La société Natixis Coficiné agissant en tant que chef de file d’un pool bancaire a accordé à un producteur un crédit garanti par la cession de l’intégralité des produits de l’exploitation télévisuelle en France de plusieurs films et notamment ceux à provenir de France Télévisions au titre de l’achat par cette dernière des droits de télédiffusion. Cette garantie a été inscrite par le bénéficiaire au registre de la cinématographie et de l’audiovisuel (RCA) afin de la rendre opposable aux tiers. La société emprunteuse a cédé les droits de diffusion de trois films à la chaine de télévision France 3 qui s’est acquittée du prix de cession entre ses mains. Mise en demeure par le cessionnaire, France 3 faisait alors valoir que l’acte inscrit mentionnait France Télévisions en qualité de débiteur et qu’à défaut de notification de la cession à son égard avant qu’elle ne procède au paiement, et alors qu’elle constituait, avant la loi de 2009, une personne morale distincte de France Télévisions, elle s’était valablement libérée entre les mains du cédant.
La Cour d’Appel dans un arrêt du 16 juin 2011 avait rejeté la demande formée par la société Natixis Coficiné et affirmé que si la publication au registre rend la délégation ou la cession opposable aux tiers sans qu’il soit besoin d’une notification, cette opposabilité ne vaut que pour les délégations ou cessions publiées, de sorte qu’une délégation ou une cession sur un débiteur ne figurant pas dans la publication ne lui est pas opposable, sauf notification directe à ce débiteur avant qu’il ait réglé.
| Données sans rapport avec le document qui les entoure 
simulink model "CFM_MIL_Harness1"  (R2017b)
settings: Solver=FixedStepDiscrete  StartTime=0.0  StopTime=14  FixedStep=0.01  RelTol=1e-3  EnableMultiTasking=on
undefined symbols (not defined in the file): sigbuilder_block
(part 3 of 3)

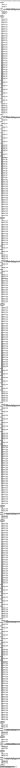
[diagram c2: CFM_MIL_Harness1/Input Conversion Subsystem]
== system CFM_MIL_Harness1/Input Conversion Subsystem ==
  note: This subsystem has been inserted by Simulink to adapt the output of the source blocks to the interface required by the harnessed component. Modifying the contents of this subsystem may result in compilation and simulation failure.
  Inport_1 : Inport
  Inport_2 : Inport  Port=2
  Inport_3 : Inport  Port=3
  Inport_4 : Inport  Port=4
  Inport_5 : Inport  Port=5
  Inport_6 : Inport  Port=6
  Inport_7 : Inport  Port=7
  Inport_8 : Inport  Port=8
  Inport_9 : Inport  Port=9
  Inport_10 : Inport  Port=10
  Inport_11 : Inport  Port=11
  Inport_12 : Inport  Port=12
  Inport_13 : Inport  Port=13
  Inport_14 : Inport  Port=14
  Inport_15 : Inport  Port=15
  Inport_16 : Inport  Port=16
  Inport_17 : Inport  Port=17
  Inport_18 : Inport  Port=18
  Inport_19 : Inport  Port=19
  Inport_20 : Inport  Port=20
  Inport_21 : Inport  Port=21
  Inport_22 : Inport  Port=22
  Inport_23 : Inport  Port=23
  Inport_24 : Inport  Port=24
  Inport_25 : Inport  Port=25
  Inport_26 : Inport  Port=26
  Inport_27 : Inport  Port=27
  Inport_28 : Inport  Port=28
  Inport_29 : Inport  Port=29
  Inport_30 : Inport  Port=30
  Inport_31 : Inport  Port=31
  Inport_32 : Inport  Port=32
  Inport_33 : Inport  Port=33
  Inport_34 : Inport  Port=34
  Inport_35 : Inport  Port=35
  Inport_36 : Inport  Port=36
  Inport_37 : Inport  Port=37
  Inport_38 : Inport  Port=38
  Inport_39 : Inport  Port=39
  Inport_40 : Inport  Port=40
  Inport_41 : Inport  Port=41
  Inport_42 : Inport  Port=42
  Inport_43 : Inport  Port=43
  Inport_44 : Inport  Port=44
  Inport_45 : Inport  Port=45
  Inport_46 : Inport  Port=46
  Inport_47 : Inport  Port=47
  Inport_48 : Inport  Port=48
  Inport_49 : Inport  Port=49
  Inport_50 : Inport  Port=50
  Inport_51 : Inport  Port=51
  Inport_52 : Inport  Port=52
  Inport_53 : Inport  Port=53
  Inport_54 : Inport  Port=54
  Inport_55 : Inport  Port=55
  Inport_56 : Inport  Port=56
  Inport_57 : Inport  Port=57
  Inport_58 : Inport  Port=58
  Inport_59 : Inport  Port=59
  Inport_60 : Inport  Port=60
  Inport_61 : Inport  Port=61
  Inport_62 : Inport  Port=62
  Inport_63 : Inport  Port=63
  Inport_64 : Inport  Port=64
  Inport_65 : Inport  Port=65
  Inport_66 : Inport  Port=66
  Inport_67 : Inport  Port=67
  Inport_68 : Inport  Port=68
  Inport_69 : Inport  Port=69
  Inport_70 : Inport  Port=70
  Inport_71 : Inport  Port=71
  Inport_72 : Inport  Port=72
  Inport_73 : Inport  Port=73
  Inport_74 : Inport  Port=74
  Inport_75 : Inport  Port=75
  Inport_76 : Inport  Port=76
  Inport_77 : Inport  Port=77
  Inport_78 : Inport  Port=78
  Inport_79 : Inport  Port=79
  Inport_80 : Inport  Port=80
  Inport_81 : Inport  Port=81
  Inport_82 : Inport  Port=82
  Inport_83 : Inport  Port=83
  Inport_84 : Inport  Port=84
  Inport_85 : Inport  Port=85
  Inport_86 : Inport  Port=86
  Inport_87 : Inport  Port=87
  Inport_88 : Inport  Port=88
  Inport_89 : Inport  Port=89
  Inport_90 : Inport  Port=90
  Inport_91 : Inport  Port=91
  Inport_92 : Inport  Port=92
  Inport_93 : Inport  Port=93
  Inport_94 : Inport  Port=94
  Inport_95 : Inport  Port=95
  Inport_96 : Inport  Port=96
  Inport_97 : Inport  Port=97
  Inport_98 : Inport  Port=98
  Inport_99 : Inport  Port=99
  Inport_100 : Inport  Port=100
  Inport_101 : Inport  Port=101
  Inport_102 : Inport  Port=102
  Inport_103 : Inport  Port=103
  Inport_104 : Inport  Port=104
  Inport_105 : Inport  Port=105
  Inport_106 : Inport  Port=106
  Inport_107 : Inport  Port=107
  Inport_108 : Inport  Port=108
  Inport_109 : Inport  Port=109
  Inport_110 : Inport  Port=110
  Inport_111 : Inport  Port=111
  Inport_112 : Inport  Port=112
  Inport_113 : Inport  Port=113
  Inport_114 : Inport  Port=114
  Inport_115 : Inport  Port=115
  Inport_116 : Inport  Port=116
  Inport_117 : Inport  Port=117
  Inport_118 : Inport  Port=118
  Inport_119 : Inport  Port=119
  Inport_120 : Inport  Port=120
  Inport_121 : Inport  Port=121
  Inport_122 : Inport  Port=122
  Inport_123 : Inport  Port=123
  Inport_124 : Inport  Port=124
  Inport_125 : Inport  Port=125
  Inport_126 : Inport  Port=126
  Inport_127 : Inport  Port=127
  Inport_128 : Inport  Port=128
  Inport_129 : Inport  Port=129
  Inport_130 : Inport  Port=130
  Inport_131 : Inport  Port=131
  Inport_132 : Inport  Port=132
  Inport_133 : Inport  Port=133
  Inport_134 : Inport  Port=134
  Inport_135 : Inport  Port=135
  Inport_136 : Inport  Port=136
  Inport_137 : Inport  Port=137
  Inport_138 : Inport  Port=138
  Inport_139 : Inport  Port=139
  Inport_140 : Inport  Port=140
  Inport_141 : Inport  Port=141
  Inport_142 : Inport  Port=142
  Inport_143 : Inport  Port=143
  Inport_144 : Inport  Port=144
  Inport_145 : Inport  Port=145
  Inport_146 : Inport  Port=146
  Inport_147 : Inport  Port=147
  Inport_148 : Inport  Port=148
  Inport_149 : Inport  Port=149
  Inport_150 : Inport  Port=150
  Inport_151 : Inport  Port=151
  Inport_152 : Inport  Port=152
  Inport_153 : Inport  Port=153
  Inport_154 : Inport  Port=154
  Inport_155 : Inport  Port=155
  Inport_156 : Inport  Port=156
  Inport_157 : Inport  Port=157
  Inport_158 : Inport  Port=158
  Inport_159 : Inport  Port=159
  Inport_160 : Inport  Port=160
  Inport_161 : Inport  Port=161
  Inport_162 : Inport  Port=162
  Inport_163 : Inport  Port=163
  Inport_164 : Inport  Port=164
  Inport_165 : Inport  Port=165
  Inport_166 : Inport  Port=166
  Inport_167 : Inport  Port=167
  Inport_168 : Inport  Port=168
  Inport_169 : Inport  Port=169
  Inport_170 : Inport  Port=170
  Inport_171 : Inport  Port=171
  Inport_172 : Inport  Port=172
  Inport_173 : Inport  Port=173
  Inport_174 : Inport  Port=174
  Inport_175 : Inport  Port=175
  Inport_176 : Inport  Port=176
  Inport_177 : Inport  Port=177
  Inport_178 : Inport  Port=178
  Inport_179 : Inport  Port=179
  Inport_180 : Inport  Port=180
  Inport_181 : Inport  Port=181
  Inport_182 : Inport  Port=182
  Inport_183 : Inport  Port=183
  Inport_184 : Inport  Port=184
  Inport_185 : Inport  Port=185
  Inport_186 : Inport  Port=186
  Inport_187 : Inport  Port=187
  Inport_188 : Inport  Port=188
  Inport_189 : Inport  Port=189
  Inport_190 : Inport  Port=190
  Inport_191 : Inport  Port=191
  Inport_192 : Inport  Port=192
  Inport_193 : Inport  Port=193
  Inport_194 : Inport  Port=194
  Inport_195 : Inport  Port=195
  Inport_196 : Inport  Port=196
  Inport_197 : Inport  Port=197
  Inport_198 : Inport  Port=198
  Inport_199 : Inport  Port=199
  Inport_200 : Inport  Port=200
  Inport_201 : Inport  Port=201
  Inport_202 : Inport  Port=202
  Inport_203 : Inport  Port=203
  Inport_204 : Inport  Port=204
  Inport_205 : Inport  Port=205
  Inport_206 : Inport  Port=206
  Inport_207 : Inport  Port=207
  Inport_208 : Inport  Port=208
  Inport_209 : Inport  Port=209
  Inport_210 : Inport  Port=210
  Inport_211 : Inport  Port=211
  Inport_212 : Inport  Port=212
  Inport_213 : Inport  Port=213
  Inport_214 : Inport  Port=214
  Inport_215 : Inport  Port=215
  Inport_216 : Inport  Port=216
  Inport_217 : Inport  Port=217
  Inport_218 : Inport  Port=218
  Inport_219 : Inport  Port=219
  Inport_220 : Inport  Port=220
  Inport_221 : Inport  Port=221
  Inport_222 : Inport  Port=222
  Inport_223 : Inport  Port=223
  Inport_224 : Inport  Port=224
  Inport_225 : Inport  Port=225
  Inport_226 : Inport  Port=226
  Inport_227 : Inport  Port=227
  Inport_228 : Inport  Port=228
  Inport_229 : Inport  Port=229
  Inport_230 : Inport  Port=230
  Inport_231 : Inport  Port=231
  Inport_232 : Inport  Port=232
  Inport_233 : Inport  Port=233
  Inport_234 : Inport  Port=234
  Inport_235 : Inport  Port=235
  Inport_236 : Inport  Port=236
  Inport_237 : Inport  Port=237
  Inport_238 : Inport  Port=238
  Inport_239 : Inport  Port=239
  Inport_240 : Inport  Port=240
  Inport_241 : Inport  Port=241
  Inport_242 : Inport  Port=242
  Inport_243 : Inport  Port=243
  Inport_244 : Inport  Port=244
  Inport_245 : Inport  Port=245
  Inport_246 : Inport  Port=246
  Inport_247 : Inport  Port=247
  Inport_248 : Inport  Port=248
  Inport_249 : Inport  Port=249
  Inport_250 : Inport  Port=250
  Inport_251 : Inport  Port=251
  Inport_252 : Inport  Port=252
  Inport_253 : Inport  Port=253
  Inport_254 : Inport  Port=254
  Inport_255 : Inport  Port=255
  Inport_256 : Inport  Port=256
  Inport_257 : Inport  Port=257
  Inport_258 : Inport  Port=258
  Inport_259 : Inport  Port=259
  Inport_260 : Inport  Port=260
  Inport_261 : Inport  Port=261
  Inport_262 : Inport  Port=262
  Inport_263 : Inport  Port=263
  Inport_264 : Inport  Port=264
  Inport_265 : Inport  Port=265
  Inport_266 : Inport  Port=266
  Inport_267 : Inport  Port=267
  Inport_268 : Inport  Port=268
  Inport_269 : Inport  Port=269
  Inport_270 : Inport  Port=270
  Inport_271 : Inport  Port=271
  Inport_272 : Inport  Port=272
  Inport_273 : Inport  Port=273
  Inport_274 : Inport  Port=274
  Inport_275 : Inport  Port=275
  Inport_276 : Inport  Port=276
  Inport_277 : Inport  Port=277
  Inport_278 : Inport  Port=278
  Inport_279 : Inport  Port=279
  Inport_280 : Inport  Port=280
  Inport_281 : Inport  Port=281
  Inport_282 : Inport  Port=282
  Inport_283 : Inport  Port=283
  Inport_284 : Inport  Port=284
  Inport_285 : Inport  Port=285
  Inport_286 : Inport  Port=286
  Inport_287 : Inport  Port=287
  Inport_288 : Inport  Port=288
  Inport_289 : Inport  Port=289
  Inport_290 : Inport  Port=290
  Inport_291 : Inport  Port=291
  Inport_292 : Inport  Port=292
  Inport_293 : Inport  Port=293
  Inport_294 : Inport  Port=294
  Inport_295 : Inport  Port=295
  Inport_296 : Inport  Port=296
  Inport_297 : Inport  Port=297
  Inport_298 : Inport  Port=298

La Cour avait retenu, qu’en l’espèce, l’acte mentionnant « les créances détenues à l’encontre de France Télévisions », personne morale distincte de France 3, et « la dette de l’un ne pouvant être celle de l’autre », France 3 avait effectué un paiement libératoire à défaut de notification par le cessionnaire avant paiement.
La Cour de Cassation au visa des articles 33 et 36 du code de l’industrie cinématographique (dans leur rédaction applicable à la cause, devenue art. L.123-1 et L.124-2 du Code du Cinéma) censure l’arrêt de la cour d’appel, pour défaut de base légale et lui reproche de ne pas avoir constaté « que l’acte publié au RPCA excluait expressément de son assiette les recettes issues de la cession des droits de diffusion intervenue au profit de la société France 3 ».
Elle rappelle « qu’il résulte de ces textes, que sauf dispositions contraires portées au contrat et inscrites au RPCA, le bénéficiaire d’une délégation ou d’une cession, en propriété ou à titre de garantie, de tout ou partie des produits présents et à venir d’une œuvre cinématographique régulièrement inscrite audit registre, encaisse seul et directement, à concurrence de ses droits et suivant l’ordre de son inscription, le montant des produits de cette œuvre, de quelque nature qu’ils soient, et ce, sans qu’il soit besoin de signification aux débiteurs cédés qui seront valablement libérés entre ses mains ».
Cette décision réaffirme que l’inscription au RCA d’une délégation ou cession de recettes d’œuvres cinématographiques et audiovisuelles est nécessaire et suffisante pour assurer l’opposabilité aux tiers du droit d’exploitation du cessionnaire sauf stipulation expresse des parties en limitant l’assiette.
La mention de France Télévision, à titre d’exemple, ne saurait avoir pour effet d’exclure un autre diffuseur de la délégation.
En effet, l’inscription au RCA est nécessaire et suffisante pour assurer l’opposabilité aux tiers qui peuvent (et doivent) prendre connaissance des actes inscrits au registre public.
De plus, concernant la détermination de l’assiette du droit, celle-ci est suffisamment assurée par la mention dans l’acte inscrit des titres des œuvres audiovisuelles ou cinématographiques concernés ou des produits y associés affectés, nantis ou cédés.